# Minimal All Grain Setup



## hermanpeckel (1/7/14)

Firstly, thanks to all on this forum for giving me a stack of info on all grain. I've read loads and now I'm really keen to give it a bash.

So, first on the list is equipment. I know what I WANT to buy, but I was hoping to start slowly just in case. I've appropriated my girlfriend's esky for a lauter tun/mash tun and, after a quick trip to Bunnings, I'm halfway through making a copper pipe manifold to go in the bottom of it. I got the info for this from here -

http://morebeer.com/brewingtechniques/library/backissues/issue5.4/palmer_sb.html#manifold

Then I hit a bit of a snag - a hot liquor tank and a brewing kettle. Ok, I know I can buy these from the LHBS, but I can't really justify $500+ straight off the bat. I was hoping to purchase a couple of big second hand pots from eBay, but it appears these are rare as rocking horse manure. I'm thinking for a 23 litre batch I'd be needing 30 or 40 litre pots(?)

Does anyone have any suggestions or other possibilities I could try? One of my mates suggested beer kegs with the tops cut off, but these seem hard to come by too.

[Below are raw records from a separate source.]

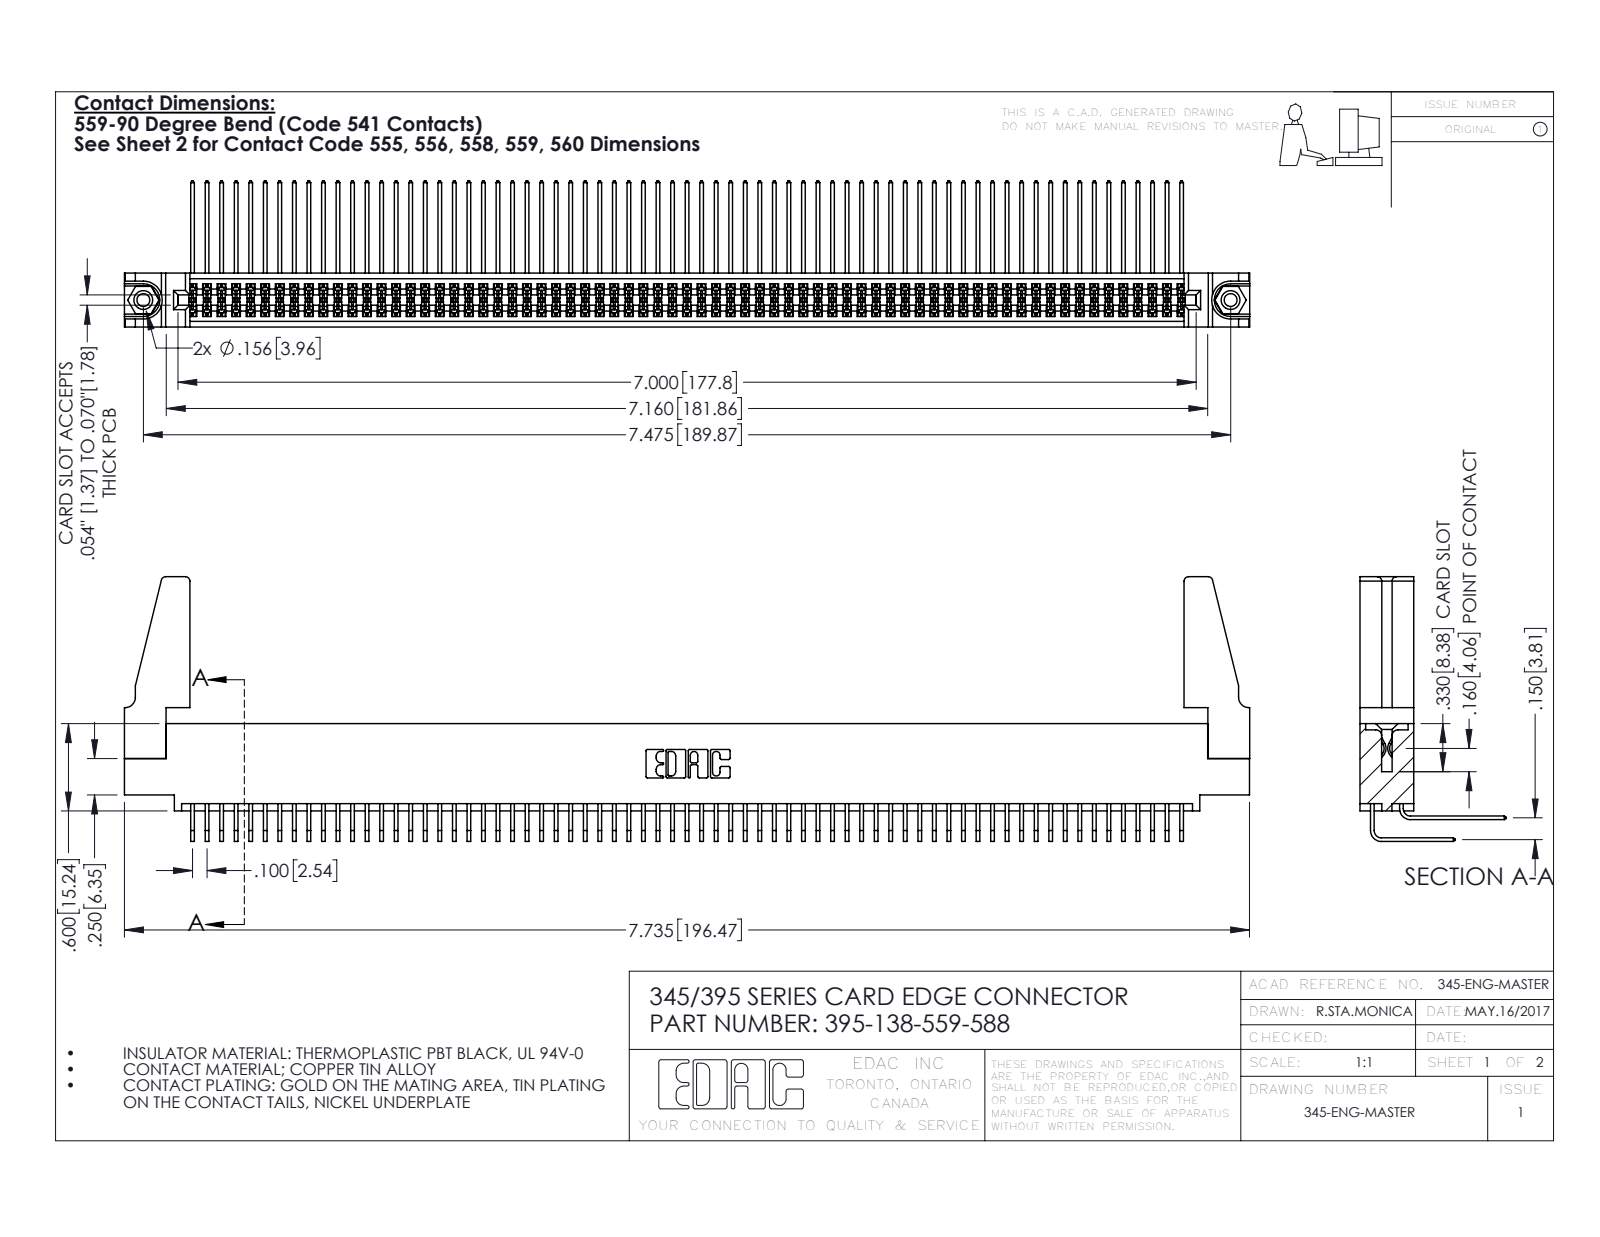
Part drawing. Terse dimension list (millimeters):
name: 395-138-559-588; 345-220-078_345-220-088; 345-292-001_559 Tail - 2; 345-250-001_345-250-001-102 (+2 more)
written by: SolidWorks 2016 (CONFIG_CONTROL_DESIGN)
unit: mm
bodies: 143 solids, 7430 faces (4986 planar, 2428 cylindrical, 16 other)
size: 196.5 × 46.2 × 25.5
volume: 23 320 mm³; area: 37 140 mm²
holes: 2× ⌀2.3, 2× ⌀3.2, 2× ⌀4, 1× ⌀1.6
bosses: 2× ⌀3.9
rounds: 275× R0.2, 22× R0.3, 8× R0.8, 6× R0.2, 6× R0.8, 3× R0.7, 2× R0.4, 2× R0.5
face distances: 1.8, 7.6, 9.4, 2.5, 6.9, 0.6, 5.1, 5.7, 4.4, 3.8
hole spacings: 6.9, 183.9, 189.9
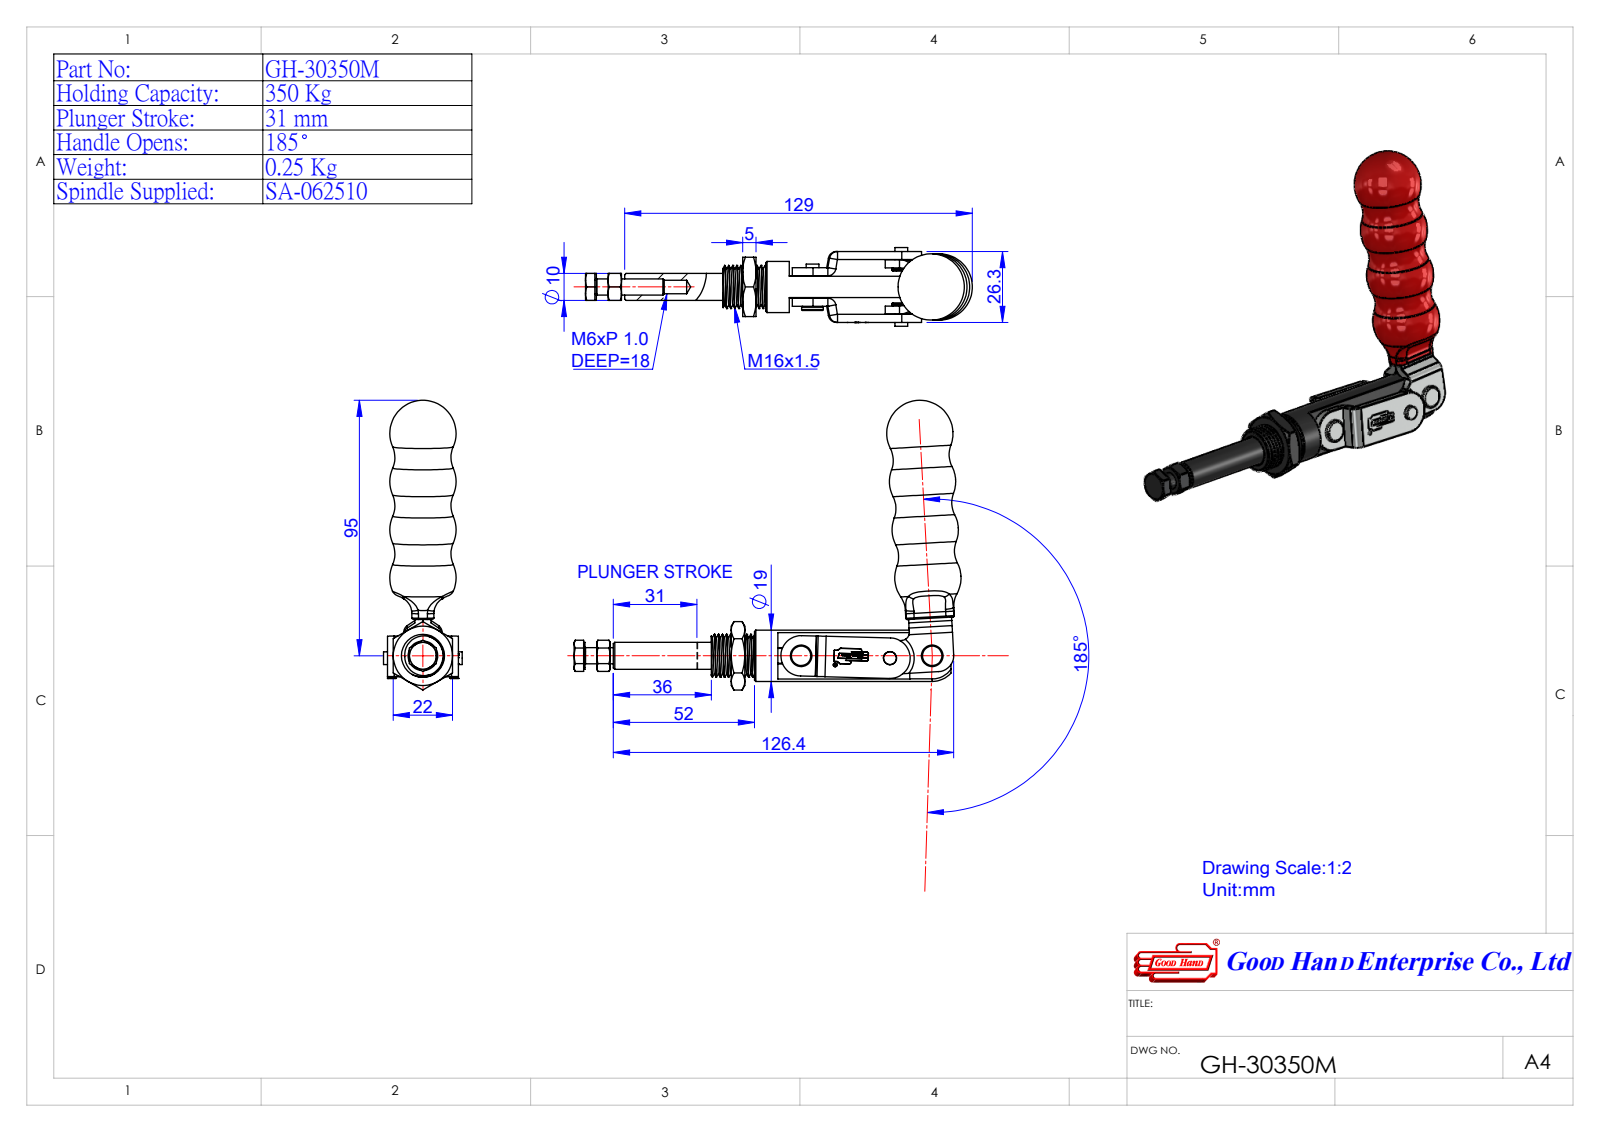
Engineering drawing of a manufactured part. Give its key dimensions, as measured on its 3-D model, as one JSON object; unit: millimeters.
{"part_name": "430350M32-1^GH-30350M(簡化); Group1^GH-30350M(簡化); Group5^GH-30350M(簡化); Group3^GH-30350M(簡化) (+2 more)", "step_written_by": "SolidWorks 2016 (AUTOMOTIVE_DESIGN)", "units": "millimeters", "bodies": {"solids": 5, "faces": 783, "planar": 337, "cylindrical": 127, "other": 319}, "overall_size": [143.62, 107.52, 29.2], "volume_mm3": 54314, "surface_area_mm2": 24407, "round_holes": [[3.5, 3], [4.9, 2], [1.38, 1], [5, 1], [10, 1], [15.8, 1]], "round_bosses_or_shafts": [[4.73, 3], [8, 2], [19, 1], [16, 1], [7, 1], [6, 1], [1.32, 1]], "partial_cylinders_radius": [[3, 9], [0.53, 3], [0.56, 3], [0.5, 2], [6, 2], [6.36, 2], [7.5, 2], [0.59, 1]], "face_to_face_distances": [3, 17.25, 6.05, 14.25, 6, 3.05, 9.2, 17.1, 23.3, 6.2], "hole_center_spacings": [13.05, 15.7, 20.52, 32.99, 36.21, 48.66]}

My other option is to go with a bigger partial mash, but that doesn't have the same appeal. Any ideas much appreciated!

Cheers
HP


----------



## MastersBrewery (1/7/14)

wait a week or two and my 3v will be for sale in Sydney though. Otherwise watch the for sale thread.

MB


----------



## n87 (1/7/14)

i have The 80L one of these as my biab pot.
just fits a double
http://www.ebay.com.au/sch/Business-/170638/m.html?_nkw=&_armrs=1&_ipg=&_from=&_ssn=gyh-hotsales&_sac=1


----------



## hermanpeckel (1/7/14)

Sounds good MB! I'm also in Sydney! How much are you asking for it?


----------



## hermanpeckel (1/7/14)

Thanks n87. I eBayed my fingers off and still didn't find anything like this. Worse case I could buy a set and drill some holes in them to fit taps. That would give me a 27 litre HLT and a 38 litre brew kettle.


----------



## zarniwoop (1/7/14)

I don't know if they ship but Keg King in Melbourne used to sell kegs with the top cut off and a ball valve fitted at a reasonable price, they may even have an element option as well if you're going electric. I ended up using a $150 (ish) 60L aluminium stock pot from an Asian cooking supply place as I wanted something sturdy.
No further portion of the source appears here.